SWE-bench Mobile: harder, more realistic engineering
- A tougher benchmark for more industry-like mobile app development tasks
- Even the best systems were only around 12% success
- This shows how much benchmark results depend on task scope and realism
Important caveat: benchmark scores are not just model scores
The hosts stress that benchmark performance depends on:
- The base model
- The agent scaffold/harness
- Tools and APIs
- Memory management
- Evaluation setup
In some cases, the same model can vary by up to 6x depending on the surrounding agent architecture.
Common Failure Modes in Multi-Agent Systems
The episode highlights a 2025 UC Berkeley paper that analyzed more than 1,600 execution traces across seven agent frameworks and identified a taxonomy called MAST: Multi-Agent System Failure Taxonomy.

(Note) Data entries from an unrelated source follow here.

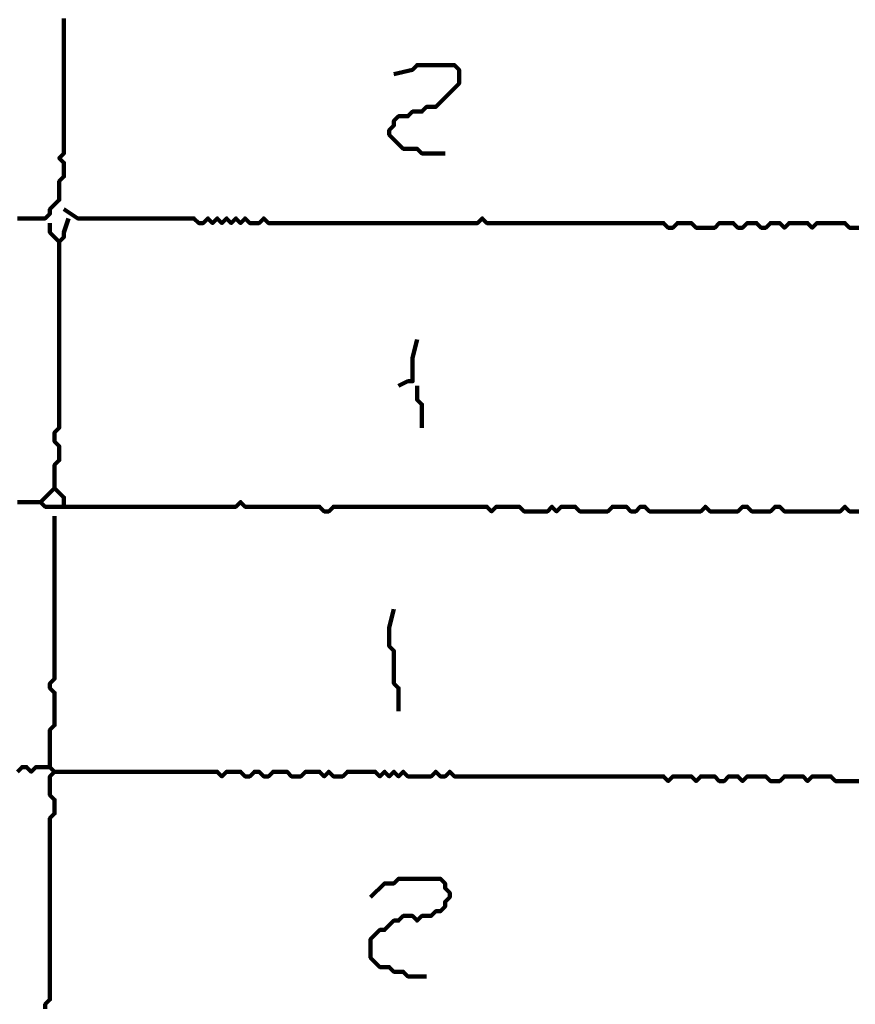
# Model space of a CAD drawing. Header units: metres. Extents: x 1959 to 4131, y 3282 to 4313.
# Tile 311 of 356: x 2428.6 to 2430.26, y 4301.17 to 4303.12. Entities that reach past the tile are written whole.
import ezdxf

# ---------------------------------------------------------------- set-up
doc = ezdxf.new("R2010")
doc.units = ezdxf.units.M
doc.layers.add('P', color=250, linetype='Continuous', lineweight=100)

msp = doc.modelspace()

# ---------------------------------------------------------------- linework, layer by layer
at = {"layer": 'P', "color": 0, "linetype": 'Continuous'}
for points in [[(2428.6848, 4303.1269), (2428.6848, 4303.1176), (2428.6848, 4303.1084), (2428.6848, 4303.0992), (2428.6848, 4303.0899), (2428.6848, 4303.0807), (2428.6848, 4303.0715), (2428.6848, 4303.0623), (2428.6848, 4303.053), (2428.6848, 4303.0438), (2428.6848, 4303.0346), (2428.6848, 4303.0253), (2428.6848, 4303.0161), (2428.6848, 4303.0069), (2428.6848, 4302.9976), (2428.6848, 4302.9884), (2428.6848, 4302.9792), (2428.6848, 4302.9699), (2428.6848, 4302.9607), (2428.6848, 4302.9515), (2428.6848, 4302.9423), (2428.6848, 4302.933), (2428.6848, 4302.9238), (2428.6848, 4302.9146), (2428.6848, 4302.9053), (2428.6848, 4302.8961), (2428.6848, 4302.8869), (2428.6848, 4302.8776), (2428.6848, 4302.8684), (2428.6848, 4302.8592), (2428.6756, 4302.8499), (2428.6848, 4302.8407), (2428.6848, 4302.8315), (2428.6848, 4302.8223), (2428.6848, 4302.813), (2428.6756, 4302.8038), (2428.6756, 4302.7946), (2428.6756, 4302.7853), (2428.6756, 4302.7761), (2428.6756, 4302.7669), (2428.6663, 4302.7576), (2428.6571, 4302.7484), (2428.6571, 4302.7392), (2428.6479, 4302.7299), (2428.6386, 4302.7299), (2428.6294, 4302.7299), (2428.6202, 4302.7299), (2428.6109, 4302.7299), (2428.6017, 4302.7299), (2428.5925, 4302.7299)], [(2429.3402, 4303.0161), (2429.3771, 4303.0253), (2429.3863, 4303.0346), (2429.3956, 4303.0346), (2429.4048, 4303.0346), (2429.414, 4303.0346), (2429.4232, 4303.0346), (2429.4325, 4303.0346), (2429.4417, 4303.0346), (2429.4509, 4303.0346), (2429.4602, 4303.0346), (2429.4694, 4303.0253), (2429.4694, 4303.0161), (2429.4694, 4303.0069), (2429.4694, 4302.9976), (2429.4602, 4302.9884), (2429.4509, 4302.9792), (2429.4417, 4302.9699), (2429.4325, 4302.9607), (2429.4232, 4302.9515), (2429.414, 4302.9515), (2429.4048, 4302.9515), (2429.3956, 4302.9423), (2429.3863, 4302.9423), (2429.3771, 4302.9423), (2429.3679, 4302.933), (2429.3586, 4302.933), (2429.3494, 4302.933), (2429.3402, 4302.9238), (2429.3402, 4302.9146), (2429.3309, 4302.9053), (2429.3309, 4302.8961), (2429.3402, 4302.8869), (2429.3494, 4302.8776), (2429.3586, 4302.8684), (2429.3679, 4302.8684), (2429.3771, 4302.8684), (2429.3863, 4302.8684), (2429.3956, 4302.8592), (2429.4048, 4302.8592), (2429.4417, 4302.8592)], [(2428.6848, 4302.7484), (2428.7125, 4302.7299), (2428.7217, 4302.7299), (2428.7309, 4302.7299), (2428.7402, 4302.7299), (2428.7494, 4302.7299), (2428.7586, 4302.7299), (2428.7679, 4302.7299), (2428.7771, 4302.7299), (2428.7863, 4302.7299), (2428.7956, 4302.7299), (2428.8048, 4302.7299), (2428.814, 4302.7299), (2428.8232, 4302.7299), (2428.8325, 4302.7299), (2428.8417, 4302.7299), (2428.8509, 4302.7299), (2428.8602, 4302.7299), (2428.8694, 4302.7299), (2428.8786, 4302.7299), (2428.8879, 4302.7299), (2428.8971, 4302.7299), (2428.9063, 4302.7299), (2428.9156, 4302.7299), (2428.9248, 4302.7299), (2428.934, 4302.7299), (2428.9432, 4302.7299), (2428.9525, 4302.7207), (2428.9617, 4302.7207), (2428.9709, 4302.7299), (2428.9802, 4302.7207), (2428.9894, 4302.7299), (2428.9986, 4302.7207), (2429.0079, 4302.7299), (2429.0171, 4302.7207), (2429.0263, 4302.7299), (2429.0356, 4302.7207), (2429.0448, 4302.7299), (2429.054, 4302.7207), (2429.0632, 4302.7207), (2429.0725, 4302.7207), (2429.0817, 4302.7299), (2429.0909, 4302.7207), (2429.1002, 4302.7207), (2429.1094, 4302.7207), (2429.1186, 4302.7207), (2429.1279, 4302.7207), (2429.1371, 4302.7207), (2429.1463, 4302.7207), (2429.1556, 4302.7207), (2429.1648, 4302.7207), (2429.174, 4302.7207), (2429.1832, 4302.7207), (2429.1925, 4302.7207), (2429.2017, 4302.7207), (2429.2109, 4302.7207), (2429.2202, 4302.7207), (2429.2294, 4302.7207), (2429.2386, 4302.7207), (2429.2479, 4302.7207), (2429.2571, 4302.7207), (2429.2663, 4302.7207), (2429.2756, 4302.7207), (2429.2848, 4302.7207), (2429.294, 4302.7207), (2429.3032, 4302.7207), (2429.3125, 4302.7207), (2429.3217, 4302.7207), (2429.3309, 4302.7207), (2429.3402, 4302.7207), (2429.3494, 4302.7207), (2429.3586, 4302.7207), (2429.3679, 4302.7207), (2429.3771, 4302.7207), (2429.3863, 4302.7207), (2429.3956, 4302.7207), (2429.4048, 4302.7207), (2429.414, 4302.7207), (2429.4232, 4302.7207), (2429.4325, 4302.7207), (2429.4417, 4302.7207), (2429.4509, 4302.7207), (2429.4602, 4302.7207), (2429.4694, 4302.7207), (2429.4786, 4302.7207), (2429.4879, 4302.7207), (2429.4971, 4302.7207), (2429.5063, 4302.7207), (2429.5156, 4302.7299), (2429.5248, 4302.7207), (2429.534, 4302.7207), (2429.5432, 4302.7207), (2429.5525, 4302.7207), (2429.5617, 4302.7207), (2429.5709, 4302.7207), (2429.5802, 4302.7207), (2429.5894, 4302.7207), (2429.5986, 4302.7207), (2429.6079, 4302.7207), (2429.6171, 4302.7207), (2429.6263, 4302.7207), (2429.6356, 4302.7207), (2429.6448, 4302.7207), (2429.654, 4302.7207), (2429.6632, 4302.7207), (2429.6725, 4302.7207), (2429.6817, 4302.7207), (2429.6909, 4302.7207), (2429.7002, 4302.7207), (2429.7094, 4302.7207), (2429.7186, 4302.7207), (2429.7279, 4302.7207), (2429.7371, 4302.7207), (2429.7463, 4302.7207), (2429.7556, 4302.7207), (2429.7648, 4302.7207), (2429.774, 4302.7207), (2429.7832, 4302.7207), (2429.7925, 4302.7207), (2429.8017, 4302.7207), (2429.8109, 4302.7207), (2429.8202, 4302.7207), (2429.8294, 4302.7207), (2429.8386, 4302.7207), (2429.8479, 4302.7207), (2429.8571, 4302.7207), (2429.8663, 4302.7207), (2429.8756, 4302.7207), (2429.8848, 4302.7115), (2429.894, 4302.7115), (2429.9032, 4302.7207), (2429.9125, 4302.7207), (2429.9217, 4302.7207), (2429.9309, 4302.7207), (2429.9402, 4302.7115), (2429.9494, 4302.7115), (2429.9586, 4302.7115), (2429.9679, 4302.7115), (2429.9771, 4302.7115), (2429.9863, 4302.7207), (2429.9956, 4302.7207), (2430.0048, 4302.7207), (2430.014, 4302.7207), (2430.0232, 4302.7115), (2430.0325, 4302.7115), (2430.0417, 4302.7207), (2430.0509, 4302.7207), (2430.0602, 4302.7207), (2430.0694, 4302.7115), (2430.0786, 4302.7115), (2430.0879, 4302.7207), (2430.0971, 4302.7207), (2430.1063, 4302.7207), (2430.1156, 4302.7115), (2430.1248, 4302.7207), (2430.134, 4302.7207), (2430.1432, 4302.7207), (2430.1525, 4302.7207), (2430.1617, 4302.7207), (2430.1709, 4302.7115), (2430.1802, 4302.7207), (2430.1894, 4302.7207), (2430.1986, 4302.7207), (2430.2079, 4302.7207), (2430.2171, 4302.7207), (2430.2263, 4302.7207), (2430.2356, 4302.7207), (2430.2448, 4302.7115), (2430.254, 4302.7115), (2430.2632, 4302.7115)], [(2428.694, 4302.7299), (2428.6848, 4302.7023), (2428.6848, 4302.693), (2428.6756, 4302.6838), (2428.6663, 4302.693), (2428.6571, 4302.7023), (2428.6571, 4302.7207)], [(2428.6756, 4302.6838), (2428.6756, 4302.6469), (2428.6756, 4302.6376), (2428.6756, 4302.6284), (2428.6756, 4302.6192), (2428.6756, 4302.6099), (2428.6756, 4302.6007), (2428.6756, 4302.5915), (2428.6756, 4302.5823), (2428.6756, 4302.573), (2428.6756, 4302.5638), (2428.6756, 4302.5546), (2428.6756, 4302.5453), (2428.6756, 4302.5361), (2428.6756, 4302.5269), (2428.6756, 4302.5176), (2428.6756, 4302.5084), (2428.6756, 4302.4992), (2428.6756, 4302.4899), (2428.6756, 4302.4807), (2428.6756, 4302.4715), (2428.6756, 4302.4623), (2428.6756, 4302.453), (2428.6756, 4302.4438), (2428.6756, 4302.4346), (2428.6756, 4302.4253), (2428.6756, 4302.4161), (2428.6756, 4302.4069), (2428.6756, 4302.3976), (2428.6756, 4302.3884), (2428.6756, 4302.3792), (2428.6756, 4302.3699), (2428.6756, 4302.3607), (2428.6756, 4302.3515), (2428.6756, 4302.3423), (2428.6756, 4302.333), (2428.6756, 4302.3238), (2428.6756, 4302.3146), (2428.6663, 4302.3053), (2428.6663, 4302.2961), (2428.6663, 4302.2869), (2428.6756, 4302.2776), (2428.6756, 4302.2684), (2428.6756, 4302.2592), (2428.6756, 4302.2499), (2428.6663, 4302.2407), (2428.6663, 4302.2315), (2428.6663, 4302.2223), (2428.6663, 4302.213), (2428.6663, 4302.2038), (2428.6663, 4302.1946), (2428.6756, 4302.1853), (2428.6848, 4302.1761), (2428.6848, 4302.1669), (2428.6848, 4302.1576), (2428.694, 4302.1576), (2428.7032, 4302.1576), (2428.7125, 4302.1576), (2428.7217, 4302.1576), (2428.7309, 4302.1576), (2428.7402, 4302.1576), (2428.7494, 4302.1576), (2428.7586, 4302.1576), (2428.7679, 4302.1576), (2428.7771, 4302.1576), (2428.7863, 4302.1576), (2428.7956, 4302.1576), (2428.8048, 4302.1576), (2428.814, 4302.1576), (2428.8232, 4302.1576), (2428.8325, 4302.1576), (2428.8417, 4302.1576), (2428.8509, 4302.1576), (2428.8602, 4302.1576), (2428.8694, 4302.1576), (2428.8786, 4302.1576), (2428.8879, 4302.1576), (2428.8971, 4302.1576), (2428.9063, 4302.1576), (2428.9156, 4302.1576), (2428.9248, 4302.1576), (2428.934, 4302.1576), (2428.9432, 4302.1576), (2428.9525, 4302.1576), (2428.9617, 4302.1576), (2428.9709, 4302.1576), (2428.9802, 4302.1576), (2428.9894, 4302.1576), (2428.9986, 4302.1576), (2429.0079, 4302.1576), (2429.0171, 4302.1576), (2429.0263, 4302.1576), (2429.0356, 4302.1669), (2429.0448, 4302.1576), (2429.054, 4302.1576), (2429.0632, 4302.1576), (2429.0725, 4302.1576), (2429.0817, 4302.1576), (2429.0909, 4302.1576), (2429.1002, 4302.1576), (2429.1094, 4302.1576), (2429.1186, 4302.1576), (2429.1279, 4302.1576), (2429.1371, 4302.1576), (2429.1463, 4302.1576), (2429.1556, 4302.1576), (2429.1648, 4302.1576), (2429.174, 4302.1576), (2429.1832, 4302.1576), (2429.1925, 4302.1576), (2429.2017, 4302.1484), (2429.2109, 4302.1484), (2429.2202, 4302.1576), (2429.2294, 4302.1576), (2429.2386, 4302.1576), (2429.2479, 4302.1576), (2429.2571, 4302.1576), (2429.2663, 4302.1576), (2429.2756, 4302.1576), (2429.2848, 4302.1576), (2429.294, 4302.1576), (2429.3032, 4302.1576), (2429.3125, 4302.1576), (2429.3217, 4302.1576), (2429.3309, 4302.1576), (2429.3402, 4302.1576), (2429.3494, 4302.1576), (2429.3586, 4302.1576), (2429.3679, 4302.1576), (2429.3771, 4302.1576), (2429.3863, 4302.1576), (2429.3956, 4302.1576), (2429.4048, 4302.1576), (2429.414, 4302.1576), (2429.4232, 4302.1576), (2429.4325, 4302.1576), (2429.4417, 4302.1576), (2429.4509, 4302.1576), (2429.4602, 4302.1576), (2429.4694, 4302.1576), (2429.4786, 4302.1576), (2429.4879, 4302.1576), (2429.4971, 4302.1576), (2429.5063, 4302.1576), (2429.5156, 4302.1576), (2429.5248, 4302.1576), (2429.534, 4302.1484), (2429.5432, 4302.1576), (2429.5525, 4302.1576), (2429.5617, 4302.1576), (2429.5709, 4302.1576), (2429.5802, 4302.1576), (2429.5894, 4302.1576), (2429.5986, 4302.1484), (2429.6079, 4302.1484), (2429.6171, 4302.1484), (2429.6263, 4302.1484), (2429.6356, 4302.1484), (2429.6448, 4302.1484), (2429.654, 4302.1576), (2429.6632, 4302.1484), (2429.6725, 4302.1576), (2429.6817, 4302.1576), (2429.6909, 4302.1576), (2429.7002, 4302.1576), (2429.7094, 4302.1484), (2429.7186, 4302.1484), (2429.7279, 4302.1484), (2429.7371, 4302.1484), (2429.7463, 4302.1484), (2429.7556, 4302.1484), (2429.7648, 4302.1484), (2429.774, 4302.1576), (2429.7832, 4302.1576), (2429.7925, 4302.1576), (2429.8017, 4302.1576), (2429.8109, 4302.1484), (2429.8202, 4302.1484), (2429.8294, 4302.1576), (2429.8386, 4302.1576), (2429.8479, 4302.1484), (2429.8571, 4302.1484), (2429.8663, 4302.1484), (2429.8756, 4302.1484), (2429.8848, 4302.1484), (2429.894, 4302.1484), (2429.9032, 4302.1484), (2429.9125, 4302.1484), (2429.9217, 4302.1484), (2429.9309, 4302.1484), (2429.9402, 4302.1484), (2429.9494, 4302.1484), (2429.9586, 4302.1576), (2429.9679, 4302.1484), (2429.9771, 4302.1484), (2429.9863, 4302.1484), (2429.9956, 4302.1484), (2430.0048, 4302.1484), (2430.014, 4302.1484), (2430.0232, 4302.1484), (2430.0325, 4302.1576), (2430.0417, 4302.1576), (2430.0509, 4302.1484), (2430.0602, 4302.1484), (2430.0694, 4302.1484), (2430.0786, 4302.1484), (2430.0879, 4302.1484), (2430.0971, 4302.1576), (2430.1063, 4302.1576), (2430.1156, 4302.1484), (2430.1248, 4302.1484), (2430.134, 4302.1484), (2430.1432, 4302.1484), (2430.1525, 4302.1484), (2430.1617, 4302.1484), (2430.1709, 4302.1484), (2430.1802, 4302.1484), (2430.1894, 4302.1484), (2430.1986, 4302.1484), (2430.2079, 4302.1484), (2430.2171, 4302.1484), (2430.2263, 4302.1484), (2430.2356, 4302.1576), (2430.2448, 4302.1484), (2430.254, 4302.1484), (2430.2632, 4302.1484)], [(2429.3863, 4302.4899), (2429.3771, 4302.453), (2429.3771, 4302.4438), (2429.3771, 4302.4346), (2429.3771, 4302.4253), (2429.3771, 4302.4161), (2429.3771, 4302.4069), (2429.3679, 4302.4069), (2429.3494, 4302.3976)], [(2429.3863, 4302.3976), (2429.3863, 4302.3699), (2429.3956, 4302.3607), (2429.3956, 4302.3515), (2429.3956, 4302.3423), (2429.3956, 4302.333), (2429.3956, 4302.3146)], [(2428.6663, 4302.1946), (2428.6386, 4302.1669), (2428.6479, 4302.1576), (2428.6848, 4302.1576)], [(2428.5925, 4302.1669), (2428.6017, 4302.1669), (2428.6109, 4302.1669), (2428.6386, 4302.1669)], [(2428.6663, 4302.1392), (2428.6663, 4302.1023), (2428.6663, 4302.093), (2428.6663, 4302.0838), (2428.6663, 4302.0746), (2428.6663, 4302.0653), (2428.6663, 4302.0561), (2428.6663, 4302.0469), (2428.6663, 4302.0376), (2428.6663, 4302.0284), (2428.6663, 4302.0192), (2428.6663, 4302.0099), (2428.6663, 4302.0007), (2428.6663, 4301.9915), (2428.6663, 4301.9823), (2428.6663, 4301.973), (2428.6663, 4301.9638), (2428.6663, 4301.9546), (2428.6663, 4301.9453), (2428.6663, 4301.9361), (2428.6663, 4301.9269), (2428.6663, 4301.9176), (2428.6663, 4301.9084), (2428.6663, 4301.8992), (2428.6663, 4301.8899), (2428.6663, 4301.8807), (2428.6663, 4301.8715), (2428.6663, 4301.8623), (2428.6663, 4301.853), (2428.6663, 4301.8438), (2428.6663, 4301.8346), (2428.6663, 4301.8253), (2428.6663, 4301.8161), (2428.6571, 4301.8069), (2428.6571, 4301.7976), (2428.6663, 4301.7884), (2428.6663, 4301.7792), (2428.6663, 4301.7699), (2428.6663, 4301.7607), (2428.6663, 4301.7515), (2428.6663, 4301.7423), (2428.6663, 4301.733), (2428.6663, 4301.7238), (2428.6571, 4301.7146), (2428.6571, 4301.7053), (2428.6571, 4301.6961), (2428.6571, 4301.6869), (2428.6571, 4301.6776), (2428.6571, 4301.6407)], [(2429.3402, 4301.9546), (2429.3309, 4301.9176), (2429.3309, 4301.9084), (2429.3309, 4301.8992), (2429.3309, 4301.8899), (2429.3309, 4301.8807), (2429.3402, 4301.8715), (2429.3402, 4301.8623), (2429.3402, 4301.853), (2429.3402, 4301.8438), (2429.3402, 4301.8346), (2429.3402, 4301.8253), (2429.3402, 4301.8161), (2429.3402, 4301.8069), (2429.3494, 4301.7976), (2429.3494, 4301.7884), (2429.3494, 4301.7515)], [(2428.6479, 4301.1607), (2428.6479, 4301.1699), (2428.6571, 4301.1792), (2428.6571, 4301.1884), (2428.6571, 4301.1976), (2428.6571, 4301.2069), (2428.6571, 4301.2161), (2428.6571, 4301.2253), (2428.6571, 4301.2346), (2428.6571, 4301.2438), (2428.6571, 4301.253), (2428.6571, 4301.2623), (2428.6571, 4301.2715), (2428.6571, 4301.2807), (2428.6571, 4301.2899), (2428.6571, 4301.2992), (2428.6571, 4301.3084), (2428.6571, 4301.3176), (2428.6571, 4301.3269), (2428.6571, 4301.3361), (2428.6571, 4301.3453), (2428.6571, 4301.3546), (2428.6571, 4301.3638), (2428.6571, 4301.373), (2428.6571, 4301.3823), (2428.6571, 4301.3915), (2428.6571, 4301.4007), (2428.6571, 4301.4099), (2428.6571, 4301.4192), (2428.6571, 4301.4284), (2428.6571, 4301.4376), (2428.6571, 4301.4469), (2428.6571, 4301.4561), (2428.6571, 4301.4653), (2428.6571, 4301.4746), (2428.6571, 4301.4838), (2428.6571, 4301.493), (2428.6571, 4301.5023), (2428.6571, 4301.5115), (2428.6571, 4301.5207), (2428.6571, 4301.5299), (2428.6571, 4301.5392), (2428.6663, 4301.5484), (2428.6663, 4301.5576), (2428.6663, 4301.5669), (2428.6663, 4301.5761), (2428.6571, 4301.5853), (2428.6571, 4301.5946), (2428.6571, 4301.6038), (2428.6571, 4301.613), (2428.6571, 4301.6223), (2428.6663, 4301.6315), (2428.6571, 4301.6407), (2428.6479, 4301.6407), (2428.6386, 4301.6407), (2428.6294, 4301.6407), (2428.6202, 4301.6315), (2428.6109, 4301.6407), (2428.6017, 4301.6407), (2428.5925, 4301.6315)], [(2428.6663, 4301.6315), (2428.7032, 4301.6315), (2428.7125, 4301.6315), (2428.7217, 4301.6315), (2428.7309, 4301.6315), (2428.7402, 4301.6315), (2428.7494, 4301.6315), (2428.7586, 4301.6315), (2428.7679, 4301.6315), (2428.7771, 4301.6315), (2428.7863, 4301.6315), (2428.7956, 4301.6315), (2428.8048, 4301.6315), (2428.814, 4301.6315), (2428.8232, 4301.6315), (2428.8325, 4301.6315), (2428.8417, 4301.6315), (2428.8509, 4301.6315), (2428.8602, 4301.6315), (2428.8694, 4301.6315), (2428.8786, 4301.6315), (2428.8879, 4301.6315), (2428.8971, 4301.6315), (2428.9063, 4301.6315), (2428.9156, 4301.6315), (2428.9248, 4301.6315), (2428.934, 4301.6315), (2428.9432, 4301.6315), (2428.9525, 4301.6315), (2428.9617, 4301.6315), (2428.9709, 4301.6315), (2428.9802, 4301.6315), (2428.9894, 4301.6315), (2428.9986, 4301.6223), (2429.0079, 4301.6315), (2429.0171, 4301.6315), (2429.0263, 4301.6315), (2429.0356, 4301.6315), (2429.0448, 4301.6223), (2429.054, 4301.6223), (2429.0632, 4301.6315), (2429.0725, 4301.6315), (2429.0817, 4301.6223), (2429.0909, 4301.6223), (2429.1002, 4301.6315), (2429.1094, 4301.6315), (2429.1186, 4301.6315), (2429.1279, 4301.6315), (2429.1371, 4301.6223), (2429.1463, 4301.6223), (2429.1556, 4301.6223), (2429.1648, 4301.6315), (2429.174, 4301.6315), (2429.1832, 4301.6315), (2429.1925, 4301.6315), (2429.2017, 4301.6223), (2429.2109, 4301.6315), (2429.2202, 4301.6223), (2429.2294, 4301.6223), (2429.2386, 4301.6223), (2429.2479, 4301.6315), (2429.2571, 4301.6315), (2429.2663, 4301.6315), (2429.2756, 4301.6315), (2429.2848, 4301.6315), (2429.294, 4301.6315), (2429.3032, 4301.6315), (2429.3125, 4301.6223), (2429.3217, 4301.6315), (2429.3309, 4301.6223), (2429.3402, 4301.6315), (2429.3494, 4301.6223), (2429.3586, 4301.6315), (2429.3679, 4301.6223), (2429.3771, 4301.6223), (2429.3863, 4301.6223), (2429.3956, 4301.6223), (2429.4048, 4301.6223), (2429.414, 4301.6223), (2429.4232, 4301.6315), (2429.4325, 4301.6223), (2429.4417, 4301.6223), (2429.4509, 4301.6315), (2429.4602, 4301.6223), (2429.4694, 4301.6223), (2429.4786, 4301.6223), (2429.4879, 4301.6223), (2429.4971, 4301.6223), (2429.5063, 4301.6223), (2429.5156, 4301.6223), (2429.5248, 4301.6223), (2429.534, 4301.6223), (2429.5432, 4301.6223), (2429.5525, 4301.6223), (2429.5617, 4301.6223), (2429.5709, 4301.6223), (2429.5802, 4301.6223), (2429.5894, 4301.6223), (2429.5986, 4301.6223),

1. Specification and system design failures
These happen when the setup itself is flawed or the agent diverges early. Examples include:
- Ignoring or violating task instructions
- Repeating steps unnecessarily
- Getting stuck in loops
- Losing conversation history or context
- Poor task framing or context management
2. Inter-agent misalignment
These are failures unique to multi-agent systems, where coordination breaks down. Examples include:
- One agent hands off output that another agent cannot parse
- Agents reach contradictory conclusions with no resolution
- An orchestrator gives ambiguous instructions, causing sub-agents to diverge
3. Task verification and termination failures
These are “knowing when you’re done” problems. Examples include:
- Thinking the task is complete when it isn’t
- Producing outputs that look finished but don’t satisfy requirements
- Overshooting and doing more work than asked for
Are Multi-Agent Systems Better?
Not necessarily.
The episode points out that while multi-agent systems can provide:
- Specialization
- Parallelism
- Cross-checking
they also introduce:
- Communication overhead
- Handoff errors
- Misalignment between agents
In the Berkeley study, multi-agent setups sometimes performed worse than single-agent systems on the same tasks. The takeaway: coordination benefits are real, but they come with coordination costs.
Main Takeaways
- Agent failures compound quickly in multi-step workflows
- Benchmark progress is real, especially for narrow coding tasks
- But high benchmark scores do not mean general reliability
- Real-world task complexity still exposes major gaps
- Multi-agent systems are not automatically better than single-agent ones
- The best results often come from a combination of:
- Better models
- Better scaffolding
- Better task scoping
- Better human usage patterns
Practical Implications for Builders and Users
For builders
- Measure end-to-end reliability, not just single-step accuracy
- Be cautious about introducing multi-agent coordination unless it clearly helps
- Design robust verification and stopping conditions
- Treat benchmark scores as context-dependent, not universal truths
For users
- Scope tasks carefully
- Check in on agent output at appropriate intervals
- Use agents for tasks where their strengths match the problem
- Expect much better results when you learn how to prompt, supervise, and structure the work effectively
Bottom Line
AI agents are getting much better, but they are still not consistently reliable on complex, multi-step work. The episode’s core message is that agent failure is both a mathematical problem and an architectural one: success rates drop as tasks get longer, and multi-agent coordination introduces new failure modes. The result is a landscape where agents can be impressively useful in the right settings, but still fragile enough that careful design and human oversight matter a lot.